1.4 — Is 80 an outlier in 6, 9, 11, 14, 16, 18, 22, 24, 80?

n = 9, median = 5th = 16. Lower half: 6, 9, 11, 14 → Q1 = (9 + 11) ÷ 2 = 10. Upper half: 18, 22, 24, 80 → Q3 = (22 + 24) ÷ 2 = 23. IQR = 23 − 10 = 13.
Upper fence = 23 + 1.5(13) = 23 + 19.5 = 42.5. 80 > 42.5, so yes, 80 is an outlier. The right whisker ends at the largest value still inside the fence, 24; 80 is plotted as a separate dot.

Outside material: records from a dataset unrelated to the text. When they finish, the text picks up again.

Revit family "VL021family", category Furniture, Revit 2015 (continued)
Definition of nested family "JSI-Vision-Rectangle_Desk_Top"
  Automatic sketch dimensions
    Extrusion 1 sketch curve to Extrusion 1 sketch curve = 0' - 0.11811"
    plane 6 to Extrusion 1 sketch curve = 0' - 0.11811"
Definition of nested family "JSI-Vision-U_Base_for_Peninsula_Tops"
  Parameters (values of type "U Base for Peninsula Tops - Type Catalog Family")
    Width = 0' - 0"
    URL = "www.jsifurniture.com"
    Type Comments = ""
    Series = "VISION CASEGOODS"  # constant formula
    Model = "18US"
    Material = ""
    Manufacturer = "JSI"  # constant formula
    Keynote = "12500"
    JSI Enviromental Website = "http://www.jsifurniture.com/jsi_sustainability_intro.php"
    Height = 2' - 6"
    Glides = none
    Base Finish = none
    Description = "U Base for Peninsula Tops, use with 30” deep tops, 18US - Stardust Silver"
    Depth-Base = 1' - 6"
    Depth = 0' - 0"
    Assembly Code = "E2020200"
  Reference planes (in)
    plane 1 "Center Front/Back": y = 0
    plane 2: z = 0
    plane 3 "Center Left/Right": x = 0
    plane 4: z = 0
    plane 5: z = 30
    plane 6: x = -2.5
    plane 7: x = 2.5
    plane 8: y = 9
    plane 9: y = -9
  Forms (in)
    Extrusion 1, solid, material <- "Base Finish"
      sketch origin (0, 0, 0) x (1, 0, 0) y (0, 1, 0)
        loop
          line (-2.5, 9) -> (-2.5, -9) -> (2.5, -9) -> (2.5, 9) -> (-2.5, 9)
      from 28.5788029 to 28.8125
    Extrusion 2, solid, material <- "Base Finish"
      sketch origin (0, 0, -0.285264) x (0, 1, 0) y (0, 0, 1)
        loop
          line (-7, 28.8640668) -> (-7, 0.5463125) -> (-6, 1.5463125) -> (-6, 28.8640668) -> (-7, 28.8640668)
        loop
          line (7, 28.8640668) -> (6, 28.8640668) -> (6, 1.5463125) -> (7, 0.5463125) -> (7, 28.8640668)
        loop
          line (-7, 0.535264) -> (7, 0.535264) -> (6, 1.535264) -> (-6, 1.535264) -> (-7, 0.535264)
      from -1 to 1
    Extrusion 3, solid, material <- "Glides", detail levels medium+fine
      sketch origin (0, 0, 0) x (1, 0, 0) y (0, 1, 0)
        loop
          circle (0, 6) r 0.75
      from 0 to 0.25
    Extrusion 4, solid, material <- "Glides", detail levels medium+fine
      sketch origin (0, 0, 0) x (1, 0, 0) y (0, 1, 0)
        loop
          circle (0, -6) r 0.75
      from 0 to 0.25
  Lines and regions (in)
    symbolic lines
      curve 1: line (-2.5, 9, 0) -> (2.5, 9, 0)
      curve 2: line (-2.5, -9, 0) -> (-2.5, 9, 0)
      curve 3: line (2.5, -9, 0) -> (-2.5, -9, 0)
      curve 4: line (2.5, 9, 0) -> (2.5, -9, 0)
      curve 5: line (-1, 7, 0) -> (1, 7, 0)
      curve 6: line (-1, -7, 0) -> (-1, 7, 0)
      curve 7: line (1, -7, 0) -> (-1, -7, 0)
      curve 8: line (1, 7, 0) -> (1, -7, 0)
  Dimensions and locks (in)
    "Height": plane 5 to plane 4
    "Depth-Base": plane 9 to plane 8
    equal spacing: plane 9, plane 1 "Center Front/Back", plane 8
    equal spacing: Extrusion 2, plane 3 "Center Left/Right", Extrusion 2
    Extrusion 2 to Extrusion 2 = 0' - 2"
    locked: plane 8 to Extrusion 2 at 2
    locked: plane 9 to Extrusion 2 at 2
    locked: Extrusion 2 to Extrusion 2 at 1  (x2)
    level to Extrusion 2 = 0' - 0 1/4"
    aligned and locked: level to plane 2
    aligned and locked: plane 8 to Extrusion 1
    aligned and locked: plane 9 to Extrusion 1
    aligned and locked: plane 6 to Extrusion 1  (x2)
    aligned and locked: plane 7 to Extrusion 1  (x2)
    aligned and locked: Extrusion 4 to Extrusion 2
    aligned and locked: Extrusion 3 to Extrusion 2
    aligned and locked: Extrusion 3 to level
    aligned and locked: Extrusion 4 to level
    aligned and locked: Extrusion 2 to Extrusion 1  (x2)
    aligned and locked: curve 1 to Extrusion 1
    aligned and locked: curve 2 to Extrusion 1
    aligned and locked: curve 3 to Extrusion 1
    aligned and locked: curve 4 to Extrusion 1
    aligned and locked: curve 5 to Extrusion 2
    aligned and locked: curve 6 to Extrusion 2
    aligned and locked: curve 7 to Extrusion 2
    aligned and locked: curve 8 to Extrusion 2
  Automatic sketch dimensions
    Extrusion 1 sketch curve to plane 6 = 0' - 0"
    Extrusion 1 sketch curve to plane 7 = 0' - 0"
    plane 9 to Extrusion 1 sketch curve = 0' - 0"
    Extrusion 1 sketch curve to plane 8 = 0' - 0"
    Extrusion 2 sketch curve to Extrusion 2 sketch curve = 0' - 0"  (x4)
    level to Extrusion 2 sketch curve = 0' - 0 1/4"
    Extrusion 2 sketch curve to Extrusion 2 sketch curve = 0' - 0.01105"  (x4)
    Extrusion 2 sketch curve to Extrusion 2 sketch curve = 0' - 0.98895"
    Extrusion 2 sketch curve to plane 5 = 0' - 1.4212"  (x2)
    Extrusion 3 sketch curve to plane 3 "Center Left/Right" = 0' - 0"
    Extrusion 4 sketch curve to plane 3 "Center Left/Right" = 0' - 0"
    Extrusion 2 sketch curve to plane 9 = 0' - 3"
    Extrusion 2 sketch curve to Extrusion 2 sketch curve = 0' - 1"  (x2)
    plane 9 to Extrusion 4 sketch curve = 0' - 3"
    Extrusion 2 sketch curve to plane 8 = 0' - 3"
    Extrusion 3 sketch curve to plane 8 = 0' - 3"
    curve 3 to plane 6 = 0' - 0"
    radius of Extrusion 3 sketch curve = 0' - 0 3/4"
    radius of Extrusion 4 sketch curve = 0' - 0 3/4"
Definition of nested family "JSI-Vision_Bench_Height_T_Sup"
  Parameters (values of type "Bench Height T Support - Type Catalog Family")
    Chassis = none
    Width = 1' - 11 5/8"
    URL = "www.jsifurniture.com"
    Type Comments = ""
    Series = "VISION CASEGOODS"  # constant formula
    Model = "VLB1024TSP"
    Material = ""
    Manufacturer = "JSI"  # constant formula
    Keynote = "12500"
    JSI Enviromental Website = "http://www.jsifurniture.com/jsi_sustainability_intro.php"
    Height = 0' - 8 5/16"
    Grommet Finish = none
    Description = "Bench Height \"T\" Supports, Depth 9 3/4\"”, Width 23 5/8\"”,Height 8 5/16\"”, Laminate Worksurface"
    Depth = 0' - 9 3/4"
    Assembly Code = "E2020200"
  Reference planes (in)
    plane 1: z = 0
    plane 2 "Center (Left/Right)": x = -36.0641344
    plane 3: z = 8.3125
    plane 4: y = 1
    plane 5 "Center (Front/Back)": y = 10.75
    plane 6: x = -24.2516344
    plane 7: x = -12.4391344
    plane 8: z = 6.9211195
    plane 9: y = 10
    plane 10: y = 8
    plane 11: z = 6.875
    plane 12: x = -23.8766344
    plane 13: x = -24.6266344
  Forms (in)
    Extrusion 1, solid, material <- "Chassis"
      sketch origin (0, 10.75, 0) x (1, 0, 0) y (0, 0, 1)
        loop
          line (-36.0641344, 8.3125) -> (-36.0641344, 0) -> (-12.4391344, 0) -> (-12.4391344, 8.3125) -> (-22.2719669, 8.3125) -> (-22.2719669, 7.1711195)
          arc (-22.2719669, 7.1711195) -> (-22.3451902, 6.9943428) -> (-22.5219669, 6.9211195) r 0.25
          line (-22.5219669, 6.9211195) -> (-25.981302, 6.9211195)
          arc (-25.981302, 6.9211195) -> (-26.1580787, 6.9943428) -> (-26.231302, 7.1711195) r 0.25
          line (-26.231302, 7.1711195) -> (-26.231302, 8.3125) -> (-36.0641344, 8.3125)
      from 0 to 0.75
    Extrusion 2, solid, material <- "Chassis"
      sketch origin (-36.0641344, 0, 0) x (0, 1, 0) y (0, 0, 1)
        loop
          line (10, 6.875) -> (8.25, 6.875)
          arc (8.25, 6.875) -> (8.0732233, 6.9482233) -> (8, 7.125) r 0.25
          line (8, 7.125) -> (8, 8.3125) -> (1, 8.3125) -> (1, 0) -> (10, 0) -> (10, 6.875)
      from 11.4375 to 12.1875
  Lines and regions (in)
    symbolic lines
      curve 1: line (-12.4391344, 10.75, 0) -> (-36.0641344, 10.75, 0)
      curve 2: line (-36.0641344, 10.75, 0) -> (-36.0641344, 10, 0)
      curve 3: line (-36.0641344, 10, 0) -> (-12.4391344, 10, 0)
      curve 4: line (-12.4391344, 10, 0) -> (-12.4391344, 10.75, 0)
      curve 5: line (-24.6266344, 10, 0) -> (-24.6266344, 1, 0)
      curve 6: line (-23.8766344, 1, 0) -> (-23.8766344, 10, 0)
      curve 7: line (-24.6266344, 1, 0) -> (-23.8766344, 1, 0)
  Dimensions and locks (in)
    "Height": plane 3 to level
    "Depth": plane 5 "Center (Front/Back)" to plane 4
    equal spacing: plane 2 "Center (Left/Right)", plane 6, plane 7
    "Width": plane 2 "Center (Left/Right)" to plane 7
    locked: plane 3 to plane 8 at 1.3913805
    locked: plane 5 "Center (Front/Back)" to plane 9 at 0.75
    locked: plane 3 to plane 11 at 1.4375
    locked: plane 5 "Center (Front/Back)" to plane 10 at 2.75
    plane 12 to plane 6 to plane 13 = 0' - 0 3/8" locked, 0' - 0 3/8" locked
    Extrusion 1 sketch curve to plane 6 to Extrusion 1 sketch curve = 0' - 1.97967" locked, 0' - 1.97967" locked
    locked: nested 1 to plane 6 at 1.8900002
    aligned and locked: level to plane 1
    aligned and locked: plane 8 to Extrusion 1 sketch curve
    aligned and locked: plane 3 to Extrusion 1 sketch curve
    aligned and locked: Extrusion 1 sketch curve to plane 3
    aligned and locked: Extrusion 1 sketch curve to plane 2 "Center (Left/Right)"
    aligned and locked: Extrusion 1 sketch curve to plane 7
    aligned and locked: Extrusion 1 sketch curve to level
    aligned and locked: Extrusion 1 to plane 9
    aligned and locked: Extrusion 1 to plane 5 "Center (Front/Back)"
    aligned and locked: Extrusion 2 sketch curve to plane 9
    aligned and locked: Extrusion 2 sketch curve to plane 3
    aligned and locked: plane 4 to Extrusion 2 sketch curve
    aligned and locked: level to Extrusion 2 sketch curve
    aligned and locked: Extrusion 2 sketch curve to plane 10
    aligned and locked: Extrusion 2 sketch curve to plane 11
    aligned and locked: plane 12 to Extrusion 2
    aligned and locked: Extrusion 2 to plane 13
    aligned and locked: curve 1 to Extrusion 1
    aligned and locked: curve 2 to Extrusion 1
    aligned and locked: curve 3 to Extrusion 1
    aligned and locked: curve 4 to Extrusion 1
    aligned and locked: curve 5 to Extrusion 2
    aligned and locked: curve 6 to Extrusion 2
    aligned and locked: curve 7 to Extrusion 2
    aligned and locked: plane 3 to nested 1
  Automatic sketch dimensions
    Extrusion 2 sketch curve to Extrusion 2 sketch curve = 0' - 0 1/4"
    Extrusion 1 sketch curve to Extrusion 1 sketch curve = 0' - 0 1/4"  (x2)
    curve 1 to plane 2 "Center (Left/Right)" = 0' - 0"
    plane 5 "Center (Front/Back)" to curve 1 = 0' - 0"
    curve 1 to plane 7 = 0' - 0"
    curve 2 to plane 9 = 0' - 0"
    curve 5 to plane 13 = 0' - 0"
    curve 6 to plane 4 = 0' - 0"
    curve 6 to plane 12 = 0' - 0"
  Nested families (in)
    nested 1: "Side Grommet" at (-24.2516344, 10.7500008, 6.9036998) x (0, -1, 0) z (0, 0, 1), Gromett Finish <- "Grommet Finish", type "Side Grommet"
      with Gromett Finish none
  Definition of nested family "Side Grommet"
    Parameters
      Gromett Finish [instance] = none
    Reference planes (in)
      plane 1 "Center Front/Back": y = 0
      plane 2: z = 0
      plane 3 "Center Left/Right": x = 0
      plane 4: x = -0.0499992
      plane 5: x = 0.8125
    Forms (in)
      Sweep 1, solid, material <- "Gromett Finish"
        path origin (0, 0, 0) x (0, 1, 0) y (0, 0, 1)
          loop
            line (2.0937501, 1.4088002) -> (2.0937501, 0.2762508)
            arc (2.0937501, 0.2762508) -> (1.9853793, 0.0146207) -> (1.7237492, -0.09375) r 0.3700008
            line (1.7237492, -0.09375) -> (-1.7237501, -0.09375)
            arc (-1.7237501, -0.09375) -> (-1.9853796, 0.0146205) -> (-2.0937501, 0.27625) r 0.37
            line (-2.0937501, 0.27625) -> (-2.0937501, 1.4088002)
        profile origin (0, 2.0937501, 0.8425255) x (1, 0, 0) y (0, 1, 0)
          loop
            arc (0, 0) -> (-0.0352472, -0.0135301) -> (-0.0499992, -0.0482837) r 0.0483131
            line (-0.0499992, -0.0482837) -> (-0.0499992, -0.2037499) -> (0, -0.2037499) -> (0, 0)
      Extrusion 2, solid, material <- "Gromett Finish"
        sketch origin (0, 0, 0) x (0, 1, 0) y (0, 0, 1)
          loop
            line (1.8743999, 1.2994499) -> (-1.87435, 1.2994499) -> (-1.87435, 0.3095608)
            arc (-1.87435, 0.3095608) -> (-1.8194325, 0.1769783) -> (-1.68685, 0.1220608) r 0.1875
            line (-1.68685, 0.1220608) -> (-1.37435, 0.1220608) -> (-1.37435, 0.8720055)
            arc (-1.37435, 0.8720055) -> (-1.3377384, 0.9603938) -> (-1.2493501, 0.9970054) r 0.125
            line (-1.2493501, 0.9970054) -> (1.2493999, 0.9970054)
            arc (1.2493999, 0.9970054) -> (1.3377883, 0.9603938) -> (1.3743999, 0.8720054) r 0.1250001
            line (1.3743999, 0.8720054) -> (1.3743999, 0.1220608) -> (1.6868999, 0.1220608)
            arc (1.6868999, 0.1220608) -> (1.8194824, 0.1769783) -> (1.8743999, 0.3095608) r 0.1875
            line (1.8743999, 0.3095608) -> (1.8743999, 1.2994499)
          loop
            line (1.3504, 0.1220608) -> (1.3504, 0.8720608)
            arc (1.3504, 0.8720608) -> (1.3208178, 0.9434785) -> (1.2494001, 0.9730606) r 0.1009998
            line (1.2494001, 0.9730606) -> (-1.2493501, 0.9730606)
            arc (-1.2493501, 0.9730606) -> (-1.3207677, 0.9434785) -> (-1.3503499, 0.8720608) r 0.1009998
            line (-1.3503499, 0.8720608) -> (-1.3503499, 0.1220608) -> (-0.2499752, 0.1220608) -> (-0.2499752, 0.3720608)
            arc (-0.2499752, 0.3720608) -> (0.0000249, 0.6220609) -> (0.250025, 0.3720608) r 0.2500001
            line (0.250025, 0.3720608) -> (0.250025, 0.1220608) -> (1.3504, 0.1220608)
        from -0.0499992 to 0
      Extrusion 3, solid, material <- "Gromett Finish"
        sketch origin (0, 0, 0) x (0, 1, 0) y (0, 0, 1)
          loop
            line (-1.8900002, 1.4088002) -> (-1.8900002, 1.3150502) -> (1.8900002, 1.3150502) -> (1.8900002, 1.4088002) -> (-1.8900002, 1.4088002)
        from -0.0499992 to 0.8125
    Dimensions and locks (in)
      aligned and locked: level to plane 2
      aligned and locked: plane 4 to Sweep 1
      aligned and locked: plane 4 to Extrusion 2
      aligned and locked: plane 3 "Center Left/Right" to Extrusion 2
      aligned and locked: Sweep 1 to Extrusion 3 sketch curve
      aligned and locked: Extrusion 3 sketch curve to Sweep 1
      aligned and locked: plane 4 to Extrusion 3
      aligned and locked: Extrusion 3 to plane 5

1.5 — Right-skewed with one high outlier

For right-skewed data: mean > median > mode. The high outlier (and the long right tail) pulls the mean above the median; the mode sits at the clump of small values on the left.

1.6 — Choose the display

(a) Side-by-side box plots — best for comparing distributions of two groups.
(b) Stem-and-leaf plot — keeps every original value visible and works well for small data sets.
(c) Histogram — large data sets are easier to see as grouped frequencies than as individual values.

2 — Find the mistake

(a) The mistake is on Line 5.
(b) When an outlier is identified, the whisker does not extend to it. It stops at the largest data value still inside the fence (here, 22). The outlier 100 is plotted as a separate point beyond the whisker.
(c) Corrected statement: 100 > 40.25, so 100 is an outlier. The right whisker extends to 22 (the largest non-outlier), and 100 is plotted as an individual dot beyond the whisker.

3 — Open-ended challenge (sample solution)

Pick a common median of 10.

Set X (roughly symmetric): 4, 6, 8, 9, 11, 12, 14, 16.
Min = 4, Max = 16. Median = (9 + 11) ÷ 2 = 10. Lower half: 4, 6, 8, 9 → Q1 = (6 + 8) ÷ 2 = 7. Upper half: 11, 12, 14, 16 → Q3 = (12 + 14) ÷ 2 = 13. IQR = 6.
Median sits in the middle of the box (10 − 7 = 3; 13 − 10 = 3) and whiskers are similar (4 − 4 = 4 and 16 − 13 = 3) → symmetric ✓.

Set Y (right-skewed, larger IQR): 5, 6, 7, 9, 11, 15, 22, 30.
Min = 5, Max = 30. Median = (9 + 11) ÷ 2 = 10. Lower half: 5, 6, 7, 9 → Q1 = (6 + 7) ÷ 2 = 6.5. Upper half: 11, 15, 22, 30 → Q3 = (15 + 22) ÷ 2 = 18.5. IQR = 12.
Right whisker (30 − 18.5 = 11.5) is much longer than the left (6.5 − 5 = 1.5), and median is closer to Q1 → right-skewed ✓. IQR 12 > 6 ✓.

Other valid pairs are fine. Any pair that meets the four bullets earns full marks.

Marking: 1 mark for matching medians, 1 mark for Set X symmetric (with values and IQR shown), 1 mark for Set Y skewed, 1 mark for Set Y IQR > Set X IQR.